Directions:
Filter the records below for the word "Arial". Keep each line that has it.
[Data for the task Boundary: Start]
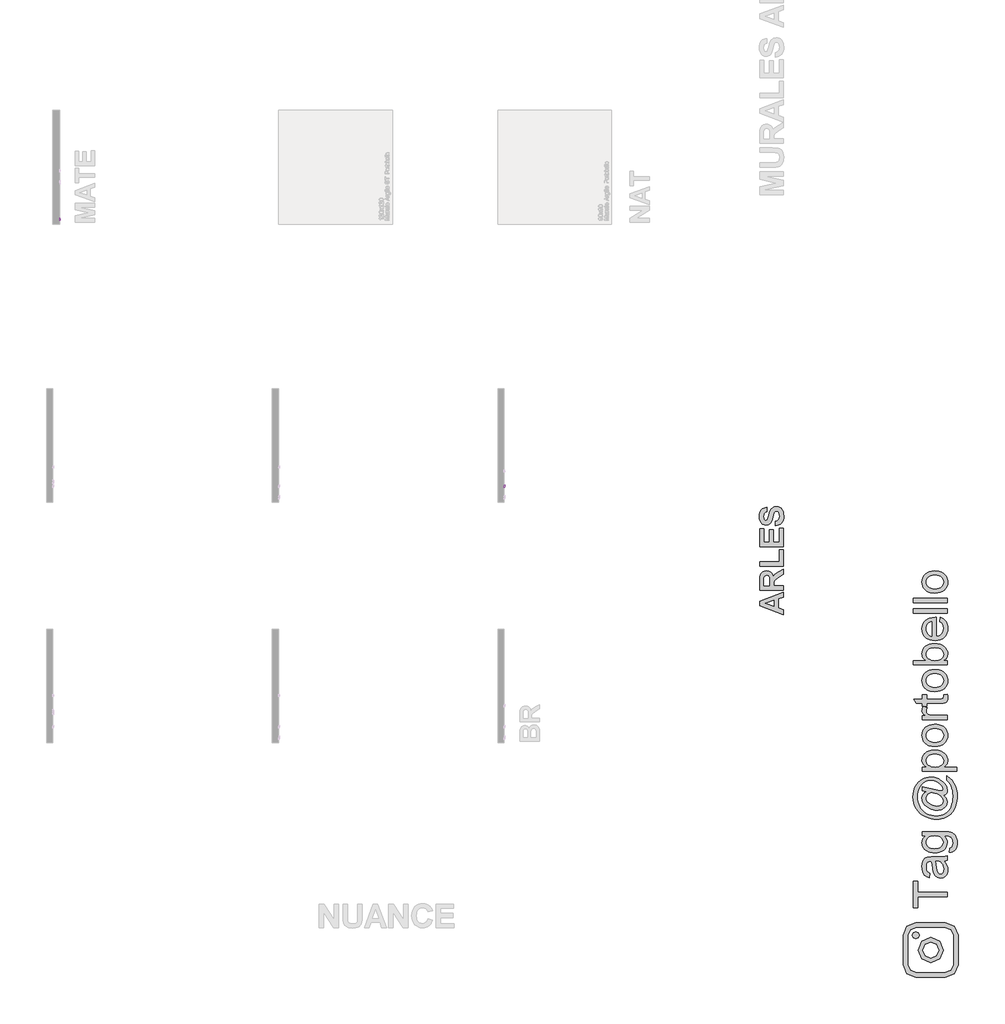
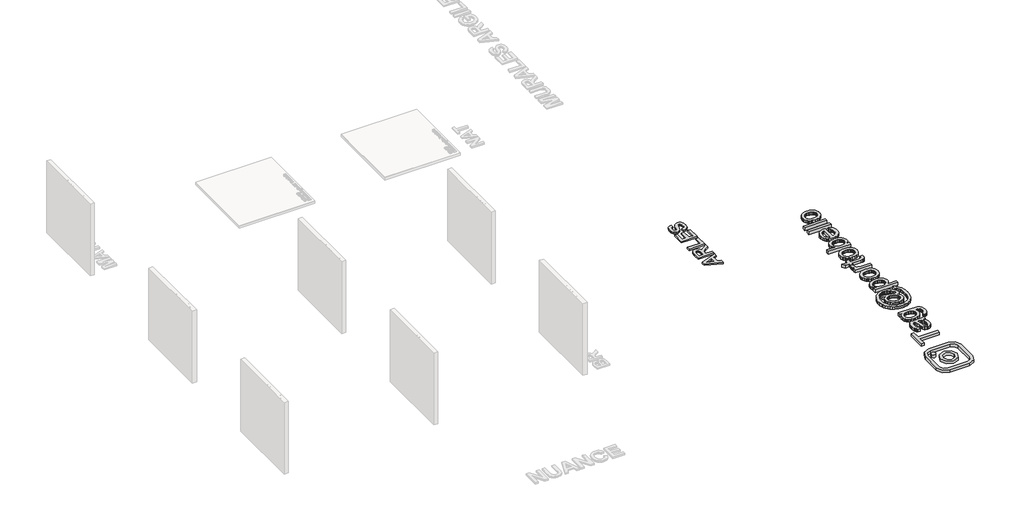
# One storey, part 5 of 21: 6 proxies.
"""IFC4 building model written with IfcOpenShell, lengths in millimetres."""

from ifc_helpers import new_model, si_unit, frame, origin, origin_with_axes, place, context, project, spatial, polyline, outline, extrude, transform, mapped, element, save
from components import generic_models_d67f6705

model = new_model("IFC4")

# Units and contexts
model_context = context("Model", 3, world=origin())
ifc_project = project(units=[si_unit("LENGTHUNIT", "METRE", prefix="MILLI")], contexts=[model_context])

# Site, building, storey
site = spatial("IfcSite", under=ifc_project)
building = spatial("IfcBuilding", under=site)
storey = spatial("IfcBuildingStorey", under=building, Name="PORTOBELLO - SHOWROOM", Elevation=0.0)

# Proxies
placement = place(None, origin())
generic_models_shape = generic_models_d67f6705(model_context)
element("IfcBuildingElementProxy", 1, Name="Blks_Instagram1 : Único", ObjectType="Blks_Instagram1 : Único", at=placement, inside=storey, context=model_context, shape_type="MappedRepresentation", body=[
    mapped(generic_models_shape, transform((35999.5235049, -12631.2406298, 0.0), x_axis=(-1.0, 0.0, 0.0), y_axis=(0.0, -1.0, 0.0), z_axis=(0.0, 0.0, 1.0))),
])
element("IfcBuildingElementProxy", 2, Name="10mm Arial", ObjectType="10mm Arial", at=placement, inside=storey, context=model_context, shape_type="SweptSolid", body=[
    extrude(outline(polyline([(-1892.5977926, 2383.4745677), (-1905.1548314, 2383.4745677), (-1905.1548314, 2461.7598562), (-1917.0496826, 2453.2863076), (-1930.2689089, 2446.9464746), (-1930.2689089, 2458.8168003), (-1911.8625465, 2470.5644987), (-1900.6911965, 2483.9308778), (-1892.5977926, 2483.9308778), (-1892.5977926, 2383.4745677)])), frame((25885.0186832, 0.0, 0.0), z_axis=(1.0, 0.0, 0.0), x_axis=(0.0, 1.0, 0.0)), (0.0, 0.0, 1.0), 20.0),
    extrude(outline(polyline([(-1862.7748256, 2410.158275), (-1850.2177868, 2411.7279049), (-1843.8902165, 2398.7907214), (-1830.769092, 2394.4619766), (-1821.7682458, 2395.9672271), (-1815.0237426, 2400.4829786), (-1810.8114937, 2407.4880649), (-1809.4074108, 2416.4613199), (-1814.6681233, 2431.3728034), (-1821.2746708, 2435.4746877), (-1830.5728883, 2436.8419824), (-1841.5970854, 2434.6592159), (-1848.6481569, 2428.9938332), (-1861.2051957, 2430.563463), (-1850.2177868, 2482.361248), (-1801.5592616, 2482.361248), (-1801.5592616, 2469.8042092), (-1840.0642437, 2469.8042092), (-1845.4598463, 2442.1394832), (-1836.489657, 2447.5841367), (-1827.090272, 2449.3990212), (-1815.3548364, 2447.1488097), (-1805.6059635, 2440.3981751), (-1799.0392699, 2430.1097419), (-1796.850372, 2417.2461348), (-1798.8185407, 2404.6890961), (-1804.7230467, 2393.9469418), (-1816.0292867, 2384.9154388), (-1830.8181429, 2381.9049378), (-1843.1513868, 2383.839384), (-1852.9769018, 2389.6427224), (-1859.712208, 2398.6405029), (-1862.7748256, 2410.158275)])), frame((25885.0186832, 0.0, 0.0), z_axis=(1.0, 0.0, 0.0), x_axis=(0.0, 1.0, 0.0)), (0.0, 0.0, 1.0), 20.0),
    extrude(outline(polyline([(-1779.5844437, 2383.4745677), (-1779.5844437, 2396.0316064), (-1767.027405, 2396.0316064), (-1767.027405, 2383.4745677), (-1769.2837479, 2370.635486), (-1776.445184, 2363.0693797), (-1779.5844437, 2367.7782692), (-1774.973656, 2373.1983973), (-1773.3304498, 2383.4745677), (-1779.5844437, 2383.4745677)])), frame((25885.0186832, 0.0, 0.0), z_axis=(1.0, 0.0, 0.0), x_axis=(0.0, 1.0, 0.0)), (0.0, 0.0, 1.0), 20.0),
    extrude(outline(polyline([(-1746.622217, 2410.158275), (-1734.0651782, 2411.7279049), (-1727.7376079, 2398.7907214), (-1714.6164834, 2394.4619766), (-1705.6156372, 2395.9672271), (-1698.871134, 2400.4829786), (-1694.6588851, 2407.4880649), (-1693.2548022, 2416.4613199), (-1698.5155147, 2431.3728034), (-1705.1220622, 2435.4746877), (-1714.4202796, 2436.8419824), (-1725.4444768, 2434.6592159), (-1732.4955483, 2428.9938332), (-1745.0525871, 2430.563463), (-1734.0651782, 2482.361248), (-1685.406653, 2482.361248), (-1685.406653, 2469.8042092), (-1723.9116351, 2469.8042092), (-1729.3072377, 2442.1394832), (-1720.3370484, 2447.5841367), (-1710.9376634, 2449.3990212), (-1699.2022278, 2447.1488097), (-1689.4533549, 2440.3981751), (-1682.8866613, 2430.1097419), (-1680.6977634, 2417.2461348), (-1682.6659321, 2404.6890961), (-1688.5704381, 2393.9469418), (-1699.8766781, 2384.9154388), (-1714.6655343, 2381.9049378), (-1726.9987782, 2383.839384), (-1736.8242931, 2389.6427224), (-1743.5595993, 2398.6405029), (-1746.622217, 2410.158275)])), frame((25885.0186832, 0.0, 0.0), z_axis=(1.0, 0.0, 0.0), x_axis=(0.0, 1.0, 0.0)), (0.0, 0.0, 1.0), 20.0),
    extrude(outline(polyline([(-1674.419244, 2383.4745677), (-1647.5883839, 2420.5815982), (-1672.8496142, 2457.2471704), (-1657.7909779, 2457.2471704), (-1645.6018211, 2439.5643092), (-1639.8873874, 2431.2501761), (-1634.9332432, 2438.0682557), (-1621.0518293, 2457.2471704), (-1605.944142, 2457.2471704), (-1632.4806966, 2420.5570728), (-1606.9251607, 2383.4745677), (-1622.0083225, 2383.4745677), (-1637.4103153, 2405.792742), (-1640.2062185, 2409.8884949), (-1659.3115568, 2383.4745677), (-1674.419244, 2383.4745677)])), frame((25885.0186832, 0.0, 0.0), z_axis=(1.0, 0.0, 0.0), x_axis=(0.0, 1.0, 0.0)), (0.0, 0.0, 1.0), 20.0),
    extrude(outline(polyline([(-1551.988116, 2383.4745677), (-1564.5451548, 2383.4745677), (-1564.5451548, 2461.7598562), (-1576.440006, 2453.2863076), (-1589.6592323, 2446.9464746), (-1589.6592323, 2458.8168003), (-1571.2528699, 2470.5644987), (-1560.0815199, 2483.9308778), (-1551.988116, 2483.9308778), (-1551.988116, 2383.4745677)])), frame((25885.0186832, 0.0, 0.0), z_axis=(1.0, 0.0, 0.0), x_axis=(0.0, 1.0, 0.0)), (0.0, 0.0, 1.0), 20.0),
    extrude(outline(polyline([(-1522.165149, 2410.158275), (-1509.6081102, 2411.7279049), (-1503.2805399, 2398.7907214), (-1490.1594154, 2394.4619766), (-1481.1585692, 2395.9672271), (-1474.414066, 2400.4829786), (-1470.2018171, 2407.4880649), (-1468.7977342, 2416.4613199), (-1474.0584467, 2431.3728034), (-1480.6649942, 2435.4746877), (-1489.9632117, 2436.8419824), (-1500.9874088, 2434.6592159), (-1508.0384803, 2428.9938332), (-1520.5955191, 2430.563463), (-1509.6081102, 2482.361248), (-1460.949585, 2482.361248), (-1460.949585, 2469.8042092), (-1499.4545671, 2469.8042092), (-1504.8501697, 2442.1394832), (-1495.8799804, 2447.5841367), (-1486.4805954, 2449.3990212), (-1474.7451598, 2447.1488097), (-1464.9962869, 2440.3981751), (-1458.4295933, 2430.1097419), (-1456.2406954, 2417.2461348), (-1458.2088641, 2404.6890961), (-1464.1133701, 2393.9469418), (-1475.4196101, 2384.9154388), (-1490.2084663, 2381.9049378), (-1502.5417102, 2383.839384), (-1512.3672252, 2389.6427224), (-1519.1025314, 2398.6405029), (-1522.165149, 2410.158275)])), frame((25885.0186832, 0.0, 0.0), z_axis=(1.0, 0.0, 0.0), x_axis=(0.0, 1.0, 0.0)), (0.0, 0.0, 1.0), 20.0),
    extrude(outline(polyline([(-1438.9747671, 2383.4745677), (-1438.9747671, 2396.0316064), (-1426.4177284, 2396.0316064), (-1426.4177284, 2383.4745677), (-1428.6740713, 2370.635486), (-1435.8355074, 2363.0693797), (-1438.9747671, 2367.7782692), (-1434.3639794, 2373.1983973), (-1432.7207732, 2383.4745677), (-1438.9747671, 2383.4745677)])), frame((25885.0186832, 0.0, 0.0), z_axis=(1.0, 0.0, 0.0), x_axis=(0.0, 1.0, 0.0)), (0.0, 0.0, 1.0), 20.0),
    extrude(outline(polyline([(-1406.0125404, 2410.158275), (-1393.4555016, 2411.7279049), (-1387.1279313, 2398.7907214), (-1374.0068068, 2394.4619766), (-1365.0059606, 2395.9672271), (-1358.2614574, 2400.4829786), (-1354.0492085, 2407.4880649), (-1352.6451256, 2416.4613199), (-1357.9058381, 2431.3728034), (-1364.5123856, 2435.4746877), (-1373.810603, 2436.8419824), (-1384.8348002, 2434.6592159), (-1391.8858717, 2428.9938332), (-1404.4429105, 2430.563463), (-1393.4555016, 2482.361248), (-1344.7969764, 2482.361248), (-1344.7969764, 2469.8042092), (-1383.3019585, 2469.8042092), (-1388.6975611, 2442.1394832), (-1379.7273718, 2447.5841367), (-1370.3279868, 2449.3990212), (-1358.5925512, 2447.1488097), (-1348.8436783, 2440.3981751), (-1342.2769847, 2430.1097419), (-1340.0880868, 2417.2461348), (-1342.0562555, 2404.6890961), (-1347.9607615, 2393.9469418), (-1359.2670015, 2384.9154388), (-1374.0558577, 2381.9049378), (-1386.3891016, 2383.839384), (-1396.2146165, 2389.6427224), (-1402.9499227, 2398.6405029), (-1406.0125404, 2410.158275)])), frame((25885.0186832, 0.0, 0.0), z_axis=(1.0, 0.0, 0.0), x_axis=(0.0, 1.0, 0.0)), (0.0, 0.0, 1.0), 20.0),
])
element("IfcBuildingElementProxy", 3, Name="10mm Arial", ObjectType="10mm Arial", at=placement, inside=storey, context=model_context, shape_type="SweptSolid", body=[
    extrude(outline(polyline([(4701.123688, 2383.4745677), (4701.123688, 2407.0190154), (4655.6044224, 2407.0190154), (4655.6044224, 2419.5760541), (4704.2629477, 2482.361248), (4713.6807267, 2482.361248), (4713.6807267, 2419.5760541), (4726.2377655, 2419.5760541), (4726.2377655, 2407.0190154), (4713.6807267, 2407.0190154), (4713.6807267, 2383.4745677), (4701.123688, 2383.4745677)]), holes=[polyline([(4701.123688, 2419.5760541), (4701.123688, 2458.3753419), (4671.0554662, 2419.5760541), (4701.123688, 2419.5760541)])]), frame((15340.268651, 0.0, 0.0), z_axis=(1.0, 0.0, 0.0), x_axis=(0.0, 1.0, 0.0)), (0.0, 0.0, 1.0), 20.0),
    extrude(outline(polyline([(4737.2251744, 2410.158275), (4749.7822132, 2411.7279049), (4756.1097835, 2398.7907214), (4769.230908, 2394.4619766), (4778.2317542, 2395.9672271), (4784.9762574, 2400.4829786), (4789.1885063, 2407.4880649), (4790.5925892, 2416.4613199), (4785.3318767, 2431.3728034), (4778.7253292, 2435.4746877), (4769.4271117, 2436.8419824), (4758.4029146, 2434.6592159), (4751.3518431, 2428.9938332), (4738.7948043, 2430.563463), (4749.7822132, 2482.361248), (4798.4407384, 2482.361248), (4798.4407384, 2469.8042092), (4759.9357563, 2469.8042092), (4754.5401537, 2442.1394832), (4763.510343, 2447.5841367), (4772.909728, 2449.3990212), (4784.6451636, 2447.1488097), (4794.3940365, 2440.3981751), (4800.9607301, 2430.1097419), (4803.149628, 2417.2461348), (4801.1814593, 2404.6890961), (4795.2769533, 2393.9469418), (4783.9707133, 2384.9154388), (4769.1818571, 2381.9049378), (4756.8486132, 2383.839384), (4747.0230982, 2389.6427224), (4740.287792, 2398.6405029), (4737.2251744, 2410.158275)])), frame((15340.268651, 0.0, 0.0), z_axis=(1.0, 0.0, 0.0), x_axis=(0.0, 1.0, 0.0)), (0.0, 0.0, 1.0), 20.0),
    extrude(outline(polyline([(4809.4281474, 2383.4745677), (4836.2590075, 2420.5815982), (4810.9977772, 2457.2471704), (4826.0564135, 2457.2471704), (4838.2455703, 2439.5643092), (4843.960004, 2431.2501761), (4848.9141482, 2438.0682557), (4862.7955621, 2457.2471704), (4877.9032494, 2457.2471704), (4851.3666948, 2420.5570728), (4876.9222307, 2383.4745677), (4861.8390689, 2383.4745677), (4846.4370761, 2405.792742), (4843.6411729, 2409.8884949), (4824.5358346, 2383.4745677), (4809.4281474, 2383.4745677)])), frame((15340.268651, 0.0, 0.0), z_axis=(1.0, 0.0, 0.0), x_axis=(0.0, 1.0, 0.0)), (0.0, 0.0, 1.0), 20.0),
    extrude(outline(polyline([(4931.8592754, 2383.4745677), (4919.3022366, 2383.4745677), (4919.3022366, 2461.7598562), (4907.4073854, 2453.2863076), (4894.188159, 2446.9464746), (4894.188159, 2458.8168003), (4912.5945215, 2470.5644987), (4923.7658715, 2483.9308778), (4931.8592754, 2483.9308778), (4931.8592754, 2383.4745677)])), frame((15340.268651, 0.0, 0.0), z_axis=(1.0, 0.0, 0.0), x_axis=(0.0, 1.0, 0.0)), (0.0, 0.0, 1.0), 20.0),
    extrude(outline(polyline([(5026.0370661, 2396.0316064), (5026.0370661, 2383.4745677), (4960.1126126, 2383.4745677), (4961.4615132, 2392.1320573), (4969.101196, 2405.4616482), (4984.8342827, 2420.0175125), (5006.5025322, 2440.9377353), (5011.9103975, 2455.1625058), (5006.7968378, 2466.6772122), (4993.4427213, 2471.373839), (4979.5245192, 2466.7875768), (4974.2392812, 2454.1079107), (4961.6822424, 2455.6775406), (4964.7264659, 2467.8237778), (4971.308488, 2476.6958652), (4981.084952, 2482.1221247), (4993.7125015, 2483.9308778), (5006.4320215, 2481.9197896), (5016.1900914, 2475.8865249), (5022.3981, 2466.873416), (5024.4674363, 2455.9227952), (5022.2356188, 2444.0156813), (5014.8166653, 2431.7038972), (4996.8272357, 2414.4992826), (4982.381736, 2402.4204904), (4976.7163533, 2396.0316064), (5026.0370661, 2396.0316064)])), frame((15340.268651, 0.0, 0.0), z_axis=(1.0, 0.0, 0.0), x_axis=(0.0, 1.0, 0.0)), (0.0, 0.0, 1.0), 20.0),
    extrude(outline(polyline([(5038.5941049, 2432.8933823), (5042.2851876, 2461.7966444), (5053.248071, 2478.4616988), (5071.5563317, 2483.9308778), (5086.2225605, 2480.6935163), (5096.3515781, 2471.3615763), (5102.2376901, 2456.4991437), (5104.5185584, 2432.8933823), (5100.8642639, 2404.1127476), (5089.9381687, 2387.410905), (5081.706809, 2383.2814296), (5071.5563317, 2381.9049378), (5058.5087836, 2384.2961708), (5048.6004952, 2391.4698697), (5041.0957025, 2408.4598865), (5038.5941049, 2432.8933823)]), holes=[polyline([(5051.1511437, 2432.9179078), (5052.6226716, 2413.1657104), (5057.0372556, 2401.7337774), (5063.6100806, 2396.2799268), (5071.5563317, 2394.4619766), (5079.5025827, 2396.2860581), (5086.0754077, 2401.7583028), (5090.4899917, 2413.1963672), (5091.9615197, 2432.9179078), (5090.5390426, 2452.2255812), (5086.2716115, 2463.746419), (5079.7110492, 2469.466984), (5071.4091789, 2471.373839), (5063.5487669, 2469.6938446), (5057.2334593, 2464.6538613), (5052.6717226, 2452.4156536), (5051.1511437, 2432.9179078)])]), frame((15340.268651, 0.0, 0.0), z_axis=(1.0, 0.0, 0.0), x_axis=(0.0, 1.0, 0.0)), (0.0, 0.0, 1.0), 20.0),
])
element("IfcBuildingElementProxy", 4, Name="550mm Arial", ObjectType="550mm Arial", at=placement, inside=storey, context=model_context, shape_type="SweptSolid", body=[
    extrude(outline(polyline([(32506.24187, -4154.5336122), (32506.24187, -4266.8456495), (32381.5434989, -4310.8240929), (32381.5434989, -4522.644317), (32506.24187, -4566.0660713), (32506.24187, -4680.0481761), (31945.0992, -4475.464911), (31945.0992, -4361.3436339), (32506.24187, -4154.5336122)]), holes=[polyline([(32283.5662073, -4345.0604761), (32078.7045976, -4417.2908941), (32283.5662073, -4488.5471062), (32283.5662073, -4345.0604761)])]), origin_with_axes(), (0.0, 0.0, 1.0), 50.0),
[Data for the task Boundary: End]
Solved problem:
element("IfcBuildingElementProxy", 2, Name="10mm Arial", ObjectType="10mm Arial", at=placement, inside=storey, context=model_context, shape_type="SweptSolid", body=[
element("IfcBuildingElementProxy", 3, Name="10mm Arial", ObjectType="10mm Arial", at=placement, inside=storey, context=model_context, shape_type="SweptSolid", body=[
element("IfcBuildingElementProxy", 4, Name="550mm Arial", ObjectType="550mm Arial", at=placement, inside=storey, context=model_context, shape_type="SweptSolid", body=[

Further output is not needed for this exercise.